Saved entries
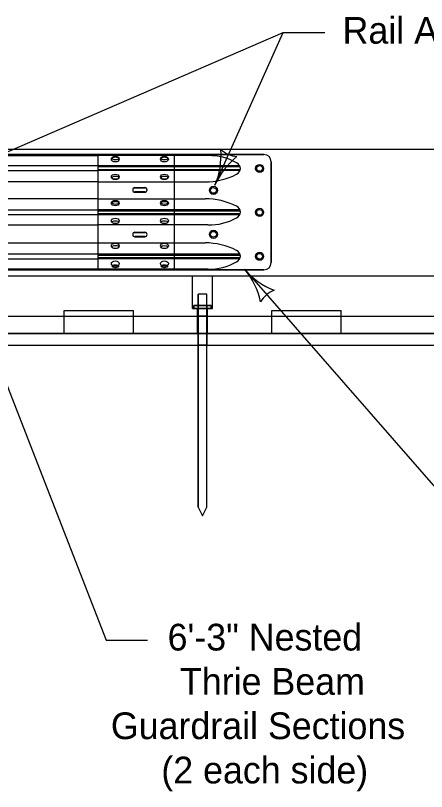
# Model space of a CAD drawing. Extents: x -2137026 to -2131464, y -2138478 to -2136524.
# Drawn here: x -2136540.6 to -2136307.1, y -2138375.3 to -2137934 of the extents above; entities that cross this region are included whole.
import ezdxf

# ---------------------------------------------------------------- set-up
doc = ezdxf.new("R2010")
doc.units = 0
for name, color, linetype in [('conPaving', 7, 'Continuous'), ('Level 2', 7, 'Continuous'), ('Level 3', 7, 'Continuous'), ('Level 41', 7, 'Continuous'), ('Level 9', 7, 'Continuous')]:
    doc.layers.add(name, color=color, linetype=linetype)

msp = doc.modelspace()

# ---------------------------------------------------------------- linework, layer by layer
at = {"layer": 'conPaving'}
for p, q in [((-2136493.65, -2138013.05), (-2136691.89, -2138013.05)), ((-2136399.44, -2138013.05), (-2136493.65, -2138013.05)), ((-2136395.34, -2138074.49), (-2136395.34, -2138017.14)), ((-2136472.76, -2138031.89), (-2136467.02, -2138031.89)), ((-2136467.02, -2138034.35), (-2136472.76, -2138034.35)), ((-2136472.76, -2138057.28), (-2136467.02, -2138057.28)), ((-2136467.02, -2138059.74), (-2136472.76, -2138059.74)), ((-2136691.89, -2138078.58), (-2136493.65, -2138078.58)), ((-2136493.65, -2138078.58), (-2136399.44, -2138078.58)), ((-2136436.72, -2138121.37), (-2136436.72, -2138114.82)), ((-2136431.43, -2138114.82), (-2136431.8, -2138114.82)), ((-2136431.8, -2138114.82), (-2136431.8, -2138121.37)), ((-2136269.98, -2138114.82), (-2136355.62, -2138114.82)), ((-2136554.36, -2138121.37), (-2136436.72, -2138121.37)), ((-2136431.8, -2138121.37), (-2136269.6, -2138121.37))]:
    msp.add_line(p, q, dxfattribs=at)
for points in [[(-2136436.72, -2138114.82), (-2136437.09, -2138114.82), (-2136473.58, -2138114.82), (-2136512.9, -2138114.82), (-2136556.91, -2138114.82)], [(-2136355.62, -2138114.82), (-2136394.94, -2138114.82), (-2136431.43, -2138114.82)]]:
    msp.add_lwpolyline(points, dxfattribs=at)
for centre, radius, start, end in [((-2136399.44, -2138017.14), 4.1, 0, 90), ((-2136472.76, -2138033.12), 1.23, 90, 270), ((-2136467.02, -2138033.12), 1.23, 270, 90), ((-2136472.76, -2138058.51), 1.23, 90, 270), ((-2136467.02, -2138058.51), 1.23, 270, 90), ((-2136399.44, -2138074.49), 4.1, 270, 0)]:
    msp.add_arc(centre, radius, start, end, dxfattribs=at)
at = {"layer": 'Level 2'}
for p, q in [((-2136589.27, -2138030.55), (-2136388.5, -2137943.65)), ((-2136427.28, -2138030.55), (-2136388.5, -2137943.65)), ((-2136388.5, -2137943.65), (-2136364.9, -2137943.65)), ((-2136680.02, -2138009.96), (-2136188.5, -2138009.96)), ((-2136410.46, -2138078.28), (-2136246.26, -2138266.62)), ((-2136680.02, -2138082.05), (-2136188.5, -2138082.05)), ((-2136569.88, -2138081.45), (-2136489.13, -2138289.19)), ((-2136680.02, -2138104.99), (-2136188.5, -2138104.99)), ((-2136512.9, -2138101.71), (-2136473.58, -2138101.71)), ((-2136512.9, -2138114.82), (-2136512.9, -2138104.99)), ((-2136473.58, -2138114.82), (-2136473.58, -2138104.99)), ((-2136394.94, -2138101.71), (-2136355.62, -2138101.71)), ((-2136394.94, -2138114.82), (-2136394.94, -2138104.99)), ((-2136355.62, -2138114.82), (-2136355.62, -2138104.99)), ((-2136679.78, -2138114.82), (-2136512.9, -2138114.82)), ((-2136473.58, -2138114.82), (-2136394.94, -2138114.82)), ((-2136355.62, -2138114.82), (-2136188.75, -2138114.82)), ((-2136489.13, -2138289.19), (-2136465.52, -2138289.19))]:
    msp.add_line(p, q, dxfattribs=at)
for centre, radius, start, end in [((-2136466.29, -2138013.67), 42.5, 336.6018, 4.6743), ((-2136413.13, -2137997.85), 16.42, 228.8685, 264.3352), ((-2136388.28, -2138047.43), 42.5, 128.5294, 156.6018), ((-2136442.81, -2138105.84), 42.5, 12.3611, 40.4336), ((-2136378.11, -2138050.71), 42.5, 220.4336, 248.5061), ((-2136387.35, -2138105.4), 16.42, 112.7003, 148.167)]:
    msp.add_arc(centre, radius, start, end, dxfattribs=at)
at = {"layer": 'Level 41'}
for p, q in [((-2136439.92, -2138100.62), (-2136439.92, -2138082.05)), ((-2136428.6, -2138100.62), (-2136428.6, -2138082.05)), ((-2136439.92, -2138100.62), (-2136428.6, -2138100.62)), ((-2136437.09, -2138114.82), (-2136437.09, -2138100.62)), ((-2136431.43, -2138114.82), (-2136431.43, -2138100.62))]:
    msp.add_line(p, q, dxfattribs=at)
at = {"layer": 'Level 9'}
for p, q in [((-2136493.65, -2138013.05), (-2136399.44, -2138013.05)), ((-2136493.65, -2138078.58), (-2136493.65, -2138013.05)), ((-2136450.23, -2138078.69), (-2136450.23, -2138013.16)), ((-2136395.34, -2138017.14), (-2136395.34, -2138074.49)), ((-2136395.34, -2138017.14), (-2136395.34, -2138074.49)), ((-2136413.18, -2138019.46), (-2136493.65, -2138019.46)), ((-2136412.96, -2138020.07), (-2136493.65, -2138020.07)), ((-2136493.65, -2138021.61), (-2136412.88, -2138021.61)), ((-2136413.05, -2138022.22), (-2136493.65, -2138022.22)), ((-2136413.05, -2138044.55), (-2136493.65, -2138044.55)), ((-2136493.65, -2138045.16), (-2136412.88, -2138045.16)), ((-2136412.96, -2138046.69), (-2136493.65, -2138046.69)), ((-2136413.18, -2138047.3), (-2136493.65, -2138047.3)), ((-2136413.05, -2138069.63), (-2136493.65, -2138069.63)), ((-2136493.65, -2138070.24), (-2136412.88, -2138070.24)), ((-2136412.96, -2138071.78), (-2136493.65, -2138071.78)), ((-2136413.18, -2138072.39), (-2136493.65, -2138072.39)), ((-2136691.89, -2138078.58), (-2136493.65, -2138078.58)), ((-2136691.89, -2138078.58), (-2136493.65, -2138078.58)), ((-2136399.44, -2138078.58), (-2136493.65, -2138078.58)), ((-2136431.8, -2138092.42), (-2136436.72, -2138092.42)), ((-2136436.72, -2138092.42), (-2136436.72, -2138098.98)), ((-2136431.8, -2138092.42), (-2136436.72, -2138092.42)), ((-2136436.72, -2138213.67), (-2136436.72, -2138092.42)), ((-2136431.8, -2138098.98), (-2136431.8, -2138092.42)), ((-2136431.8, -2138213.67), (-2136431.8, -2138092.42)), ((-2136439.18, -2138098.98), (-2136439.18, -2138100.62)), ((-2136436.72, -2138098.98), (-2136439.18, -2138098.98)), ((-2136439.18, -2138100.62), (-2136439.18, -2138098.98)), ((-2136439.18, -2138100.62), (-2136437.09, -2138100.62)), ((-2136437.09, -2138100.62), (-2136436.72, -2138100.62)), ((-2136431.8, -2138098.98), (-2136436.72, -2138098.98)), ((-2136436.72, -2138098.98), (-2136436.72, -2138100.62)), ((-2136436.72, -2138100.62), (-2136436.72, -2138098.98)), ((-2136436.72, -2138098.98), (-2136431.8, -2138098.98)), ((-2136431.8, -2138100.62), (-2136436.72, -2138100.62)), ((-2136436.72, -2138100.62), (-2136436.72, -2138104.99)), ((-2136436.72, -2138100.62), (-2136431.8, -2138100.62)), ((-2136431.8, -2138100.62), (-2136431.8, -2138098.98)), ((-2136431.8, -2138098.98), (-2136431.8, -2138100.62)), ((-2136431.8, -2138104.99), (-2136431.8, -2138100.62)), ((-2136512.9, -2138104.99), (-2136512.9, -2138101.71)), ((-2136512.9, -2138104.99), (-2136473.58, -2138104.99)), ((-2136473.58, -2138104.99), (-2136473.58, -2138101.71)), ((-2136431.8, -2138104.99), (-2136436.72, -2138104.99)), ((-2136436.72, -2138104.99), (-2136436.72, -2138114.82)), ((-2136436.72, -2138104.99), (-2136431.8, -2138104.99)), ((-2136431.8, -2138114.82), (-2136431.8, -2138104.99)), ((-2136394.94, -2138104.99), (-2136394.94, -2138101.71)), ((-2136394.94, -2138104.99), (-2136355.62, -2138104.99)), ((-2136355.62, -2138104.99), (-2136355.62, -2138101.71)), ((-2136987.54, -2138114.82), (-2134196.38, -2138114.82)), ((-2136431.8, -2138114.82), (-2136436.72, -2138114.82)), ((-2136436.72, -2138114.82), (-2136436.72, -2138121.37)), ((-2136436.72, -2138114.82), (-2136431.8, -2138114.82)), ((-2136431.8, -2138121.37), (-2136431.8, -2138114.82)), ((-2136691.9, -2138121.37), (-2134672.37, -2138121.37)), ((-2136431.8, -2138121.37), (-2136436.72, -2138121.37)), ((-2136436.72, -2138121.37), (-2136436.72, -2138213.67)), ((-2136436.72, -2138121.37), (-2136431.8, -2138121.37)), ((-2136431.8, -2138213.67), (-2136431.8, -2138121.37)), ((-2136436.72, -2138213.67), (-2136434.26, -2138218.58)), ((-2136436.72, -2138213.67), (-2136434.26, -2138218.58)), ((-2136434.26, -2138218.58), (-2136431.8, -2138213.67)), ((-2136434.26, -2138218.58), (-2136431.8, -2138213.67))]:
    msp.add_line(p, q, dxfattribs=at)
for points in [[(-2136691.89, -2138013.05), (-2136493.65, -2138013.05)], [(-2136691.89, -2138013.54), (-2136493.65, -2138013.54)], [(-2136431.24, -2138013.65), (-2136493.65, -2138013.65)], [(-2136691.89, -2138019.35), (-2136493.65, -2138019.35)], [(-2136691.89, -2138022.11), (-2136493.65, -2138022.11)], [(-2136691.89, -2138028.46), (-2136493.65, -2138028.46)], [(-2136493.65, -2138028.57), (-2136432.87, -2138028.57)], [(-2136472.76, -2138032), (-2136467.02, -2138032)], [(-2136467.02, -2138032), (-2136472.76, -2138032)], [(-2136472.76, -2138032), (-2136467.02, -2138032)], [(-2136467.02, -2138032), (-2136472.76, -2138032)], [(-2136467.02, -2138034.46), (-2136472.76, -2138034.46)], [(-2136472.76, -2138034.46), (-2136467.02, -2138034.46)], [(-2136467.02, -2138034.46), (-2136472.76, -2138034.46)], [(-2136472.76, -2138034.46), (-2136467.02, -2138034.46)], [(-2136691.89, -2138038.08), (-2136493.65, -2138038.08)], [(-2136493.65, -2138038.2), (-2136432.87, -2138038.2)], [(-2136691.89, -2138044.43), (-2136493.65, -2138044.43)], [(-2136691.89, -2138047.19), (-2136493.65, -2138047.19)], [(-2136691.89, -2138053), (-2136493.65, -2138053)], [(-2136431.24, -2138053.11), (-2136493.65, -2138053.11)], [(-2136472.76, -2138057.39), (-2136467.02, -2138057.39)], [(-2136467.02, -2138057.39), (-2136472.76, -2138057.39)], [(-2136472.76, -2138057.39), (-2136467.02, -2138057.39)], [(-2136467.02, -2138057.39), (-2136472.76, -2138057.39)], [(-2136467.02, -2138059.85), (-2136472.76, -2138059.85)], [(-2136472.76, -2138059.85), (-2136467.02, -2138059.85)], [(-2136467.02, -2138059.85), (-2136472.76, -2138059.85)], [(-2136472.76, -2138059.85), (-2136467.02, -2138059.85)], [(-2136691.89, -2138063.17), (-2136493.65, -2138063.17)], [(-2136493.65, -2138063.28), (-2136432.87, -2138063.28)], [(-2136691.89, -2138069.52), (-2136493.65, -2138069.52)], [(-2136691.89, -2138072.28), (-2136493.65, -2138072.28)], [(-2136691.89, -2138078.09), (-2136493.65, -2138078.09)], [(-2136431.24, -2138078.2), (-2136493.65, -2138078.2)], [(-2136439.18, -2138098.98), (-2136429.35, -2138098.98), (-2136429.35, -2138100.62), (-2136439.18, -2138100.62)], [(-2136429.35, -2138100.62), (-2136429.35, -2138098.98), (-2136431.8, -2138098.98)], [(-2136431.8, -2138100.62), (-2136431.43, -2138100.62), (-2136429.35, -2138100.62)]]:
    msp.add_lwpolyline(points, dxfattribs=at)
for centre, radius in [((-2136401.9, -2138020.96), 2.3), ((-2136401.9, -2138020.96), 1.64), ((-2136401.9, -2138020.96), 1.64), ((-2136428.11, -2138033.43), 2.3), ((-2136428.11, -2138033.43), 1.64), ((-2136428.11, -2138033.43), 1.64), ((-2136401.9, -2138045.94), 2.3), ((-2136401.9, -2138045.94), 1.64), ((-2136401.9, -2138045.94), 1.64), ((-2136428.11, -2138058.42), 2.3), ((-2136428.11, -2138058.42), 1.64), ((-2136428.11, -2138058.42), 1.64), ((-2136401.9, -2138070.91), 2.3), ((-2136401.9, -2138070.91), 1.64), ((-2136401.9, -2138070.91), 1.64)]:
    msp.add_circle(centre, radius, dxfattribs=at)
for centre, radius, start, end in [((-2136399.44, -2138017.14), 4.1, 0, 90), ((-2136399.44, -2138017.14), 4.1, 0, 90), ((-2136430.77, -2138046.36), 32.71, 61.1095, 90.8177), ((-2136416.42, -2138021), 3.59, 293.8801, 66.1199), ((-2136432.83, -2137989.2), 39.37, 269.944, 296.985), ((-2136472.76, -2138033.23), 1.23, 90, 270), ((-2136472.76, -2138033.23), 1.23, 90, 270), ((-2136472.76, -2138033.23), 1.23, 90, 270), ((-2136472.76, -2138033.23), 1.23, 90, 270), ((-2136467.02, -2138033.23), 1.23, 270, 90), ((-2136467.02, -2138033.23), 1.23, 270, 90), ((-2136467.02, -2138033.23), 1.23, 270, 90), ((-2136467.02, -2138033.23), 1.23, 270, 90), ((-2136432.83, -2138077.57), 39.37, 63.015, 90.056), ((-2136416.42, -2138045.76), 3.59, 293.8801, 66.1199), ((-2136430.77, -2138020.41), 32.71, 269.1823, 298.8905), ((-2136472.76, -2138058.62), 1.23, 90, 270), ((-2136472.76, -2138058.62), 1.23, 90, 270), ((-2136472.76, -2138058.62), 1.23, 90, 270), ((-2136472.76, -2138058.62), 1.23, 90, 270), ((-2136467.02, -2138058.62), 1.23, 270, 90), ((-2136467.02, -2138058.62), 1.23, 270, 90), ((-2136467.02, -2138058.62), 1.23, 270, 90), ((-2136467.02, -2138058.62), 1.23, 270, 90), ((-2136432.83, -2138102.65), 39.37, 63.015, 90.056), ((-2136416.42, -2138070.85), 3.59, 293.8801, 66.1199), ((-2136430.77, -2138045.49), 32.71, 269.1823, 298.8905), ((-2136399.44, -2138074.49), 4.1, 270, 0), ((-2136399.44, -2138074.49), 4.1, 270, 0)]:
    msp.add_arc(centre, radius, start, end, dxfattribs=at)
for centre, major_axis, ratio in [((-2136483.86, -2138015.68), (2.26, 0), 0.685714), ((-2136483.82, -2138015.26), (1.84, 0), 0.456281), ((-2136455.99, -2138015.68), (2.26, 0), 0.685714), ((-2136455.98, -2138015.25), (1.84, 0), 0.456281), ((-2136483.86, -2138025.78), (2.26, 0), 0.685714), ((-2136483.8, -2138026.21), (1.84, 0), 0.456281), ((-2136455.99, -2138025.78), (2.26, 0), 0.685714), ((-2136455.96, -2138026.2), (1.84, 0), 0.456281), ((-2136483.86, -2138040.68), (2.26, 0), 0.685714), ((-2136483.8, -2138040.56), (1.84, 0), 0.456281), ((-2136455.99, -2138040.68), (2.26, 0), 0.685714), ((-2136455.96, -2138040.56), (1.84, 0), 0.456281), ((-2136483.86, -2138050.77), (2.26, 0), 0.685714), ((-2136483.82, -2138051.51), (1.84, 0), 0.456281), ((-2136455.99, -2138050.77), (2.26, 0), 0.685714), ((-2136455.98, -2138051.52), (1.84, 0), 0.456281), ((-2136483.86, -2138065.02), (2.26, 0), 0.685714), ((-2136483.8, -2138065.64), (1.84, 0), 0.456281), ((-2136455.99, -2138065.02), (2.26, 0), 0.685714), ((-2136455.96, -2138065.65), (1.84, 0), 0.456281), ((-2136483.86, -2138075.11), (2.26, 0), 0.685714), ((-2136455.99, -2138075.11), (2.26, 0), 0.685714), ((-2136483.82, -2138076.59), (1.84, 0), 0.456281), ((-2136455.98, -2138076.6), (1.84, 0), 0.456281)]:
    msp.add_ellipse(centre, major_axis=major_axis, ratio=ratio, dxfattribs=at)

# ---------------------------------------------------------------- texts
at = {"layer": 'Level 3'}
for s, p in [('Rail Anchor Bolt', (-2136354.76, -2137950)), ('6\'-3" Nested', (-2136454.17, -2138295.12)), ('Thrie Beam', (-2136447.13, -2138320.32)), ('Guardrail Sections', (-2136486.39, -2138345.52)), ('(2 each side)', (-2136457.72, -2138370.72))]:
    msp.add_text(s, height=15.2, dxfattribs=at).set_placement(p)

doc.saveas('drawing.dxf')

■ PROBLEM STATEMENT ■
Out of the records above, pull the lines that include the word "conPaving".

■ ANSWER BOX ■
for name, color, linetype in [('conPaving', 7, 'Continuous'), ('Level 2', 7, 'Continuous'), ('Level 3', 7, 'Continuous'), ('Level 41', 7, 'Continuous'), ('Level 9', 7, 'Continuous')]:
at = {"layer": 'conPaving'}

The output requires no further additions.